§ **Exercise instructions**:
Looking at the data below, state how many lines contain "circles". No other words are wanted.

(Items listed in a dataset)
◇ ◇ ◇
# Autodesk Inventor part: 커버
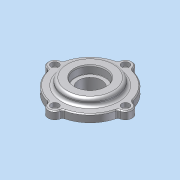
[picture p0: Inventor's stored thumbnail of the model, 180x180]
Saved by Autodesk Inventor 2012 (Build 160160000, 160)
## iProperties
Company: 한국ATC센터
Created: 2015-03
Part Number: 커버
Document SubType Name: Modeling
Designer: KYOUNG IL JANG
Density: 1 g/cm^3
Material: 기본값
Author: KYOUNG IL JANG
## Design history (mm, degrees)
sketch "스케치1"
  geometry: C1 r 1.621 at (0, 6.75) reference; C2 r 1.621 at (-37, -30.25) reference; C3 r 1.621 at (0, -67.25) reference; C4 r 1.621 at (37, -30.25) reference; C5 r 10 at (0, -30.25) reference; C6 r 12 at (0, -30.25); C7 r 24.5 at (0, -30.25) reference; A1 r 3 centre (-38.77, -20.408) between (-38.239, -23.361) and (-35.862, -21.146) reference; A2 r 7 centre (-37, -30.25) between (-38.239, -23.361) and (-38.239, -37.139) reference; A3 r 3 centre (-38.77, -40.092) between (-35.862, -39.354) and (-38.239, -37.139) reference; A4 r 37 centre (0, -30.25) between (-35.862, -39.354) and (-9.104, -66.113) reference; A5 r 3 centre (-9.842, -69.02) between (-6.889, -68.489) and (-9.104, -66.113) reference; A6 r 7 centre (0, -67.25) between (-6.889, -68.489) and (6.889, -68.489) reference; A7 r 3 centre (9.842, -69.02) between (9.104, -66.112) and (6.889, -68.489) reference; A8 r 37 centre (0, -30.25) between (9.104, -66.112) and (35.863, -39.354) reference; A9 r 3 centre (38.77, -40.092) between (38.239, -37.139) and (35.863, -39.354) reference; A10 r 7 centre (37, -30.25) between (38.239, -37.139) and (38.239, -23.361) reference; A11 r 3 centre (38.77, -20.408) between (35.863, -21.146) and (38.239, -23.361) reference; A12 r 37 centre (0, -30.25) between (35.863, -21.146) and (9.104, 5.612) reference; A13 r 3 centre (9.842, 8.52) between (6.889, 7.989) and (9.104, 5.612) reference; A14 r 7 centre (0, 6.75) between (6.889, 7.989) and (-6.889, 7.989) reference; A15 r 3 centre (-9.842, 8.52) between (-9.104, 5.612) and (-6.889, 7.989) reference; A16 r 37 centre (0, -30.25) between (-9.104, 5.612) and (-35.862, -21.146) reference; 1 further point
  constraints: 1 centre point, 1 coincident
  dimensions: "d2" = 2 radial gap between concentric circles of C6 C5
extrude "돌출1" new body sketch "스케치1" distance "d0" = 8; taper "d1" = 0 deg
sketch "스케치2"
  geometry: C1 r 23.5 at (0, -30.25) reference; C2 r 12 at (0, -30.25) reference; 1 further point
extrude "돌출2" join sketch "스케치2" distance "d4" = 5; taper "d5" = 0 deg
sketch "스케치3"
  geometry: C1 r 23.5 at (0, 0) reference; C2 r 20.5 at (0, 0); 1 further point
  constraints: 1 centre point
  dimensions: "d6" = 3 radial gap between concentric circles of C2 C1
node "작업 평면1"
extrude "돌출3" join sketch "스케치3" stored distance "d7" = 5; taper "d8" = 0 deg
fillet "모깎기1" dims "d9" = 3
sketch "스케치4"
  geometry: C1 r 12 at (0, -30.25) reference; C2 r 27 at (0, -30.25); 1 further point
  constraints: 1 centre point
  dimensions: "d10" = 15 radial gap between concentric circles of C1 C2
extrude "돌출4" join sketch "스케치4" distance "d11" = 7; taper "d12" = 0 deg
fillet "모깎기2" dims "d13" = 3
chamfer "모따기1" distance "d14" = 1; stored, may be unused: second distance "d15" = 2, angle "d16" = 45 deg
node "작업점1"
  node "작업축1"
chamfer "모따기2" distance "d24" = 1; stored, may be unused: second distance "d25" = 2, angle "d26" = 45 deg
hole "구멍6" diameter "d43" = 4.5; stored, may be unused: countersink angle "d47" = 90 deg, drill point angle "d49" = 118 deg; dims "d41" = 10, "d42" = 10, "d44" = 6, "d45" = 8, "d46" = 4.4, "d48" = 8
sketch "스케치8"
  geometry: C1 r 12 at (0, 0) reference; C2 r 16 at (0, 0); 1 further point
  constraints: 1 centre point, 1 coincident
  dimensions: "d53" = 32 diameter of C2
extrude "돌출5" cut sketch "스케치8" distance "d54" = 8.3; taper "d55" = 0 deg
fillet "모깎기3" dims "d56" = 0.3
chamfer "모따기3" distance "d57" = 1.2; stored, may be unused: second distance "d58" = 2, angle "d59" = 30 deg
node "솔리드1"
pattern_circular "원형 패턴1" dims angle "d51" = 360 deg
node "참조1"
node "참조2"
◇ ◇ ◇
§ **Response box**:
3